Thoughts on Udell's XML Adventures
I just found these two fascinating articles by Jon Udell about using XML as the primary data container for their web-based applications: The Document is the Database and XSLT Recipes for Interacting with XML Data. This is *exactly* what I've been playing with and it's interesting to see what Jon has come up with with his tools (Python and XSLT) as opposed to mine (Java and JSTL XML tags).
I'm not totally against XSLT, I just think that it's not a programming language which is what many apps - like Cocoon - make it into. It's best for transforms only, in my opinion, anything beyond that makes it impossible to develop and maintain. Complex XSLT is akin to complex RegEx. It's like write-only code because there's no way you'll go back and work on it later once you've stepped out of the process of writing it.
Right at the top of the second article Jon has some interesting thoughts:
In last month's column, "The Document is the Database", I sketched out an approach to building a web-based application backed by pure XML (and as a matter of fact, XHTML) data. I've continued to develop the idea, and this month I'll explore some of the XSLT-related recipes that have emerged.

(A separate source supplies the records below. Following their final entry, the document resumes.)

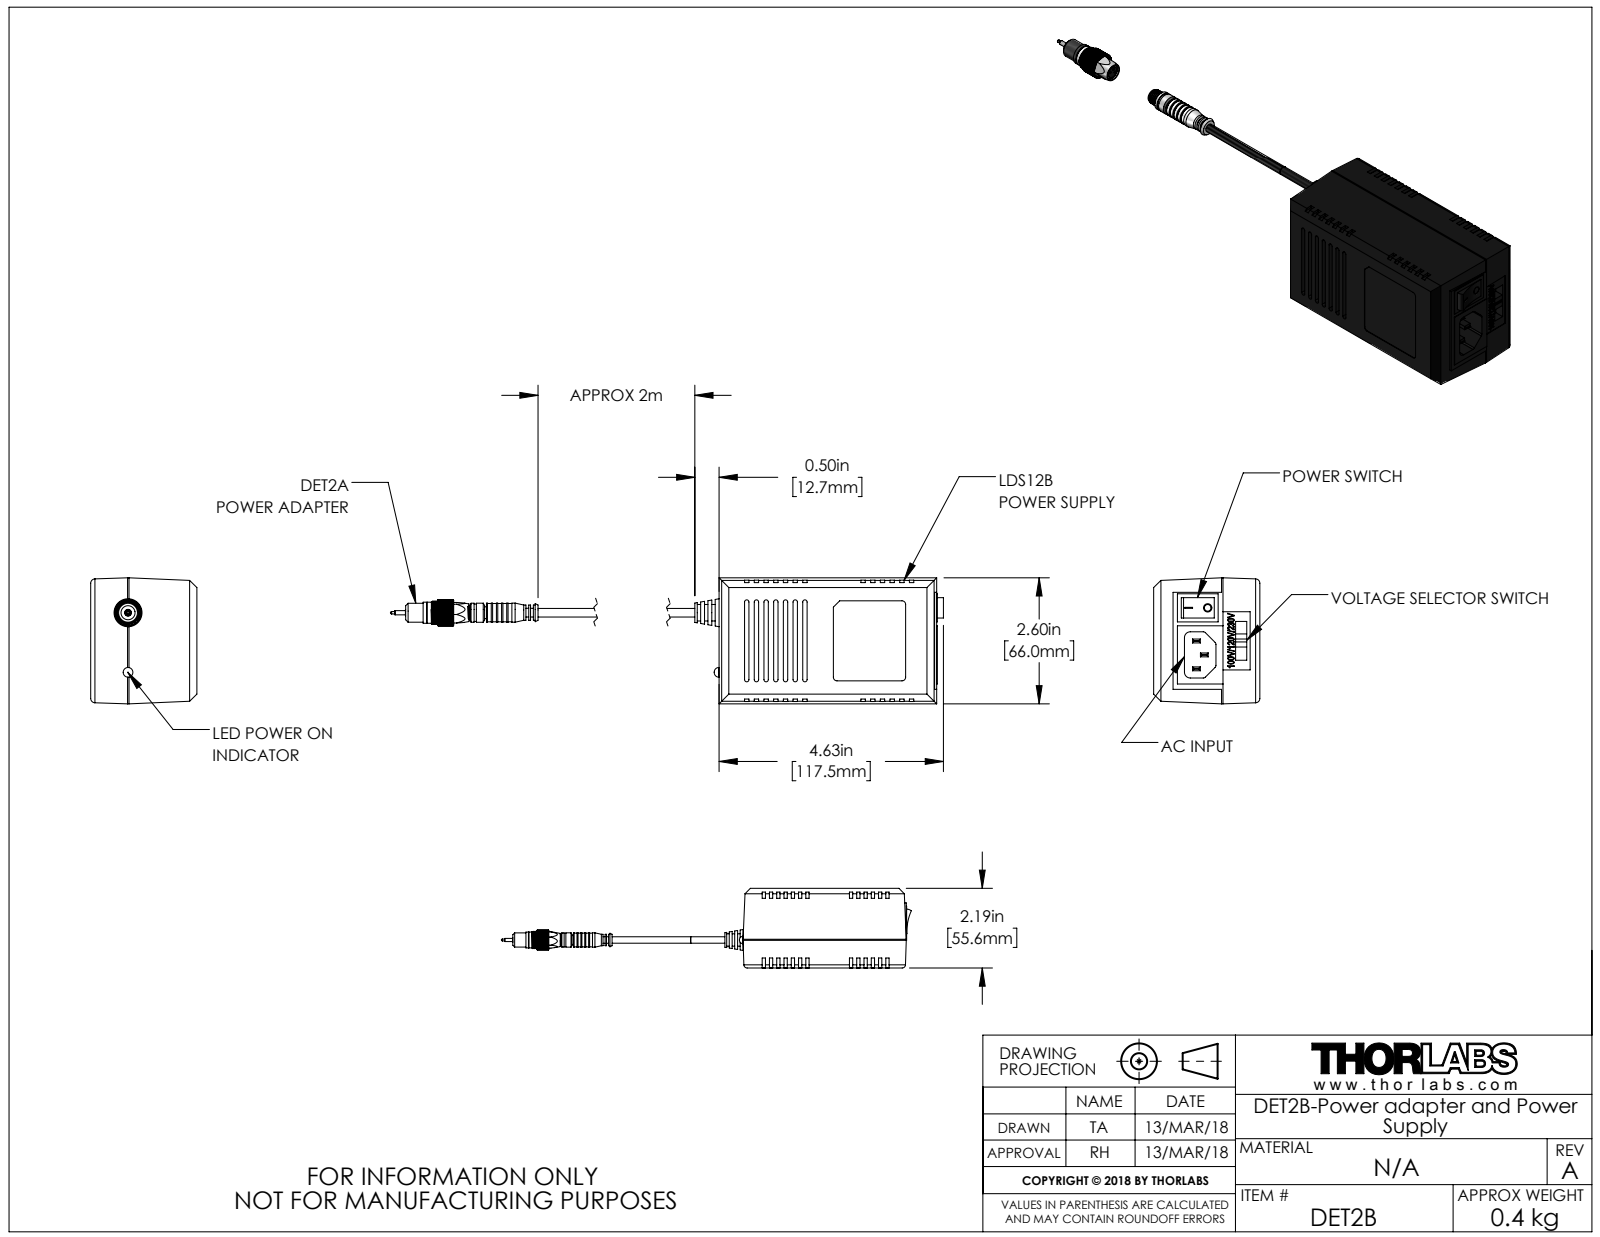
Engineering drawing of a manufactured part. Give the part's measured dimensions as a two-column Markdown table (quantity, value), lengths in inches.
| quantity | value |
| --- | --- |
| part name | TTN154011-E0W |
| STEP written by | SolidWorks 2016 (AUTOMOTIVE_DESIGN) |
| units | inches |
| bodies | 9 solids, 1089 faces (750 planar, 204 cylindrical, 135 other) |
| overall size | 11.272 × 2.598 × 2.19 |
| volume | 24.57 in³ |
| surface area | 72.44 in² |
| round holes (diameter × count) | 0.039 × 3, 0.043 × 3, 0.065 × 3, 0.067 × 1, 0.1 × 1, 0.14 × 1, 0.213 × 1, 0.228 × 1, 0.236 × 1, 0.248 × 1, 0.256 × 1, 0.268 × 1 |
| round bosses / shafts (diameter × count) | 0.063 × 3, 0.055 × 3, 0.039 × 3, 0.394 × 2, 0.315 × 2, 0.472 × 1, 0.435 × 1, 0.435 × 1 |
| partial cylindrical surfaces (radius × count) | 0.045 × 14, 0.06 × 4, 0.09 × 4, 0.075 × 3, 0.12 × 2, 0.005 × 1, 0.01 × 1, 0.25 × 1 |
| main face-to-face distances | 2.19, 0.2, 0.4, 2.18, 0.6, 0.09, 0.8, 0.11, 0.29, 0.49 |
| hole center spacings | 0.069, 0.098, 0.138 |

Oracle's Sandeepan Banerjee, director of product management for Oracle Server Technologies, made a fascinating comment when I interviewed him recently. "It's possible," he said, "that developers will want to stay within an XML abstraction for all their data sources". I suppose my continuing (some might say obsessive) experimentation with XPath and XSLT is an effort to find out what that would be like.
It's true that these technologies are still somewhat primitive and rough around the edges. Some argue that we've got to leapfrog over them to XQuery or to some XML-aware programming language in order to colonize the world of XML data. But it seems to me that we can't know where we need to go until we fully understand where we are.

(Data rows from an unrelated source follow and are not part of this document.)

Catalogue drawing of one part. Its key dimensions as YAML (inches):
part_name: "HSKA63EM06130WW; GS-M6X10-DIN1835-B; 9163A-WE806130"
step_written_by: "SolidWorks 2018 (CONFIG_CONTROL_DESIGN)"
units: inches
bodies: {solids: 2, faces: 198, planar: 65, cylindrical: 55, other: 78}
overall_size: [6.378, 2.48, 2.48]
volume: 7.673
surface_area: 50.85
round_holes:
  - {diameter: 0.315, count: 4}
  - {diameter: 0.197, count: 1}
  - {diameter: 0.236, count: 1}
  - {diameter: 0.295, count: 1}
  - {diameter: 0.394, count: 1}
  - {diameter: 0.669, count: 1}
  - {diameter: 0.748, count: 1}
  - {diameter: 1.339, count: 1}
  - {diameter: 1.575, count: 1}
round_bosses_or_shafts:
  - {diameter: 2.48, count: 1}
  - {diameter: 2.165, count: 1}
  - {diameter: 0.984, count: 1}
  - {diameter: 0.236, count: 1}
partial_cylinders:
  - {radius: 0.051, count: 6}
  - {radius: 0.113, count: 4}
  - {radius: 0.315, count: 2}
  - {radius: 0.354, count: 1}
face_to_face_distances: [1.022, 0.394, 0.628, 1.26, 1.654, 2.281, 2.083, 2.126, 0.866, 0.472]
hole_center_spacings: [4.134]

Jon's right about the XML processing tools right now from a standards point of view. For example, we definitely need the XQuery programming language to take off so we can get away from doing complex transforms in XSL and move to doing XML logic in XQuery. Yes it's *yet another language* to learn, but the benefits will be worth it. For now, though, we're stuck with the tools at hand (though there is a lot of movement on XQuery - I just saw another OSS library the other day...).

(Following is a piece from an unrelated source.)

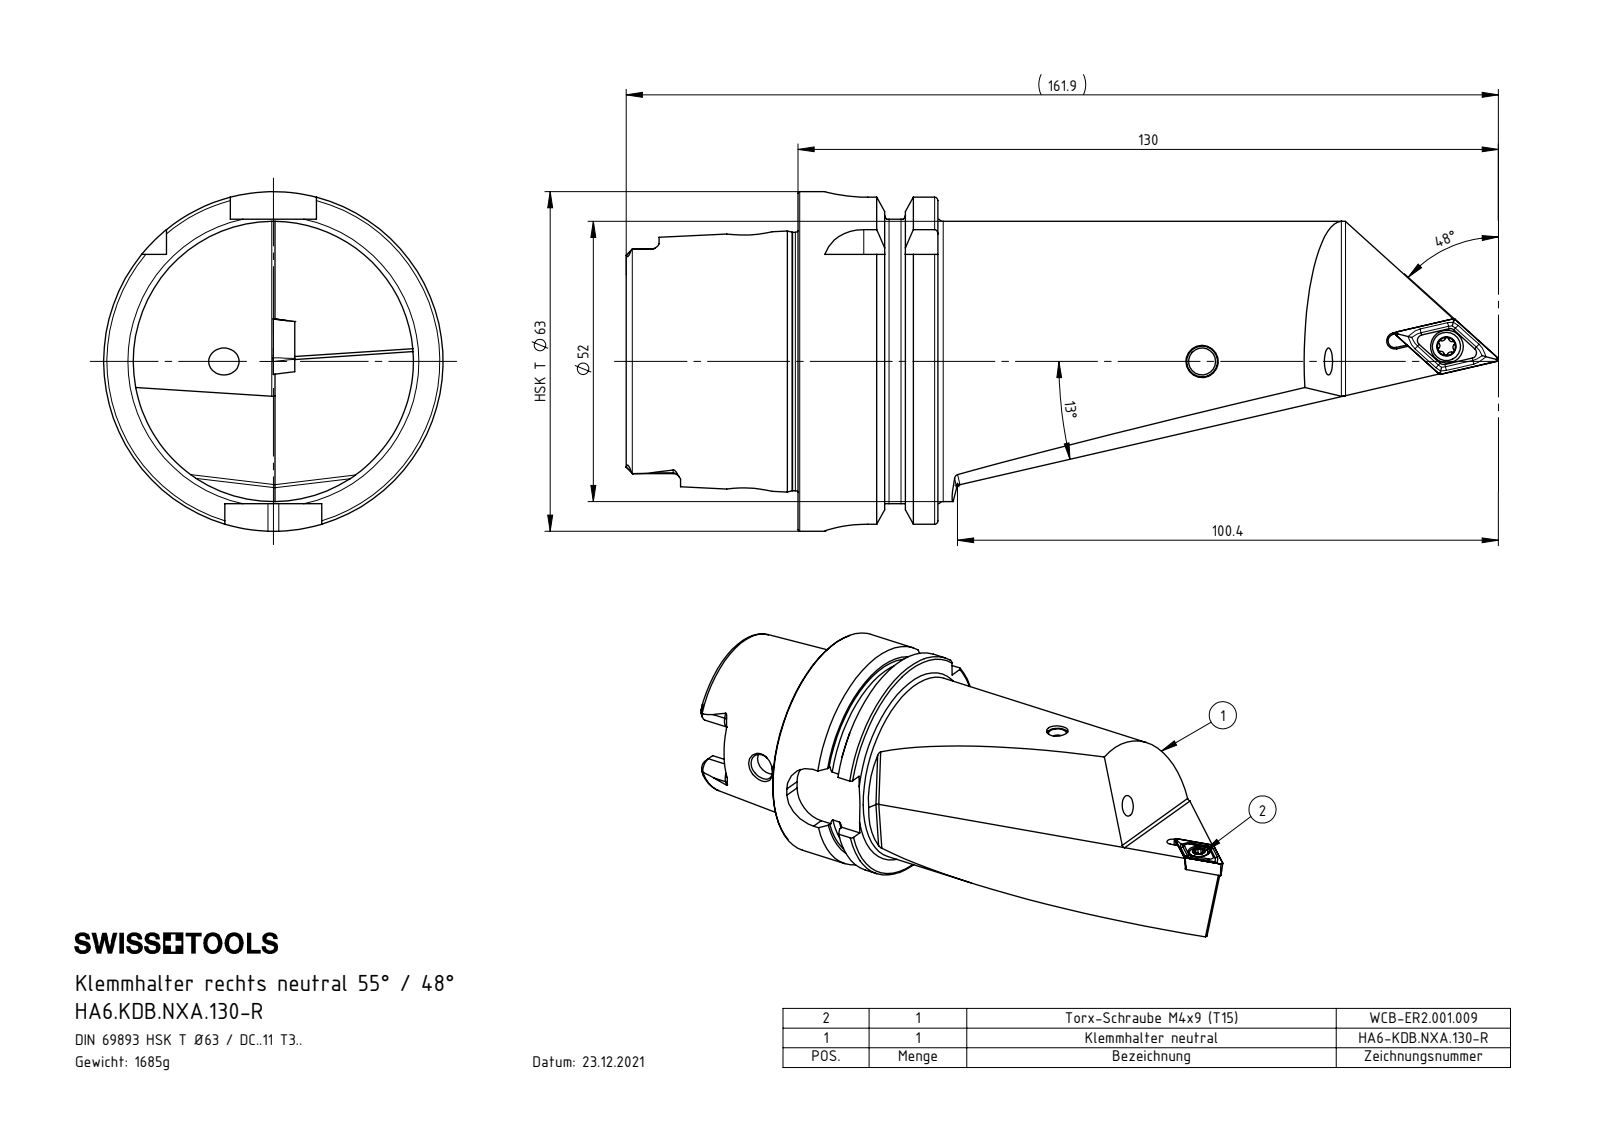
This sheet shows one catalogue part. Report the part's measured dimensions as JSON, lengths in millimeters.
{"part_name": "6-K.B.NXA.130-R; KVT_MB_600_060; DCMT11T304; HA6-KDB.NXA.130-R_A (+1 more)", "step_written_by": "SolidWorks 2017 (AUTOMOTIVE_DESIGN)", "units": "millimeters", "bodies": {"solids": 5, "faces": 303, "planar": 81, "cylindrical": 87, "other": 135}, "overall_size": [161.91, 63, 63], "volume_mm3": 214336, "surface_area_mm2": 37407, "round_holes": [[5, 2], [3.3, 1], [4.4, 1], [6.1, 1], [7.5, 1], [8.4, 1], [10, 1], [17, 1], [19, 1], [34, 1], [40, 1]], "round_bosses_or_shafts": [[63, 1], [54.95, 1], [52, 1], [47.94, 1], [6, 1], [5.25, 1], [4, 1]], "partial_cylinders_radius": [[0.34, 6], [0.59, 6], [1.4, 6], [8, 4], [0.8, 3], [2.82, 2], [2.88, 2], [1.25, 1]], "face_to_face_distances": [25.95, 16, 9.95, 31.9, 41.85, 57.85, 52.8, 21.8, 11.85, 53.7], "hole_center_spacings": [45.45, 45.53, 68, 113.39, 113.48]}

As you might have read, I'm doing all my development now where all the data that comes into my web app is formatted as XML. Whether it's from a file or a DB, when it finally arrives into my Struts Actions (the Controller in MVC) it's all XML. If I need to do something with that data, such as extract the title from a weblog post, I use JDOM's XPath support (derived from Jaxen) to grab the title from the XML quickly and cleanly and throw it into the context:
SAXBuilder saxBuilder = new SAXBuilder(); Document doc = saxBuilder.build(new StringReader(xml)); XPath xpath = XPath.newInstance("/document/entry/title"); String title = xpath.valueOf(doc); request.setAttribute("title", title);
Then I proceed to pass the XML on to my view implemented as .jsp pages. I could, if it was a simple XML transform like for an RSS page, do the transformation right there in the Action and return my results to the page directly instead (returning null for the ActionMapping), but as it is, I pass the entire XML down to my JSP, which uses the JSTL XML tags to logically format the data based on my what that web page needs. Mostly it's simple stuff for example, if you're logged in, you get an additional link to edit or delete that page. But it's still *logic* that would be a bitch in XSLT to work out correctly and maintain. Using the JSTL tags, this is easy and clean - and is *exactly* where I see XQuery being used in the future.
Anyways, that's how I'm doing this sort of development using the same concepts and it's working *really* well, so I personally think that Jon is on the right track and that the guy from Oracle is spot on. Once we get the tools standardized, living in XML within our apps is going to be the only way to do things.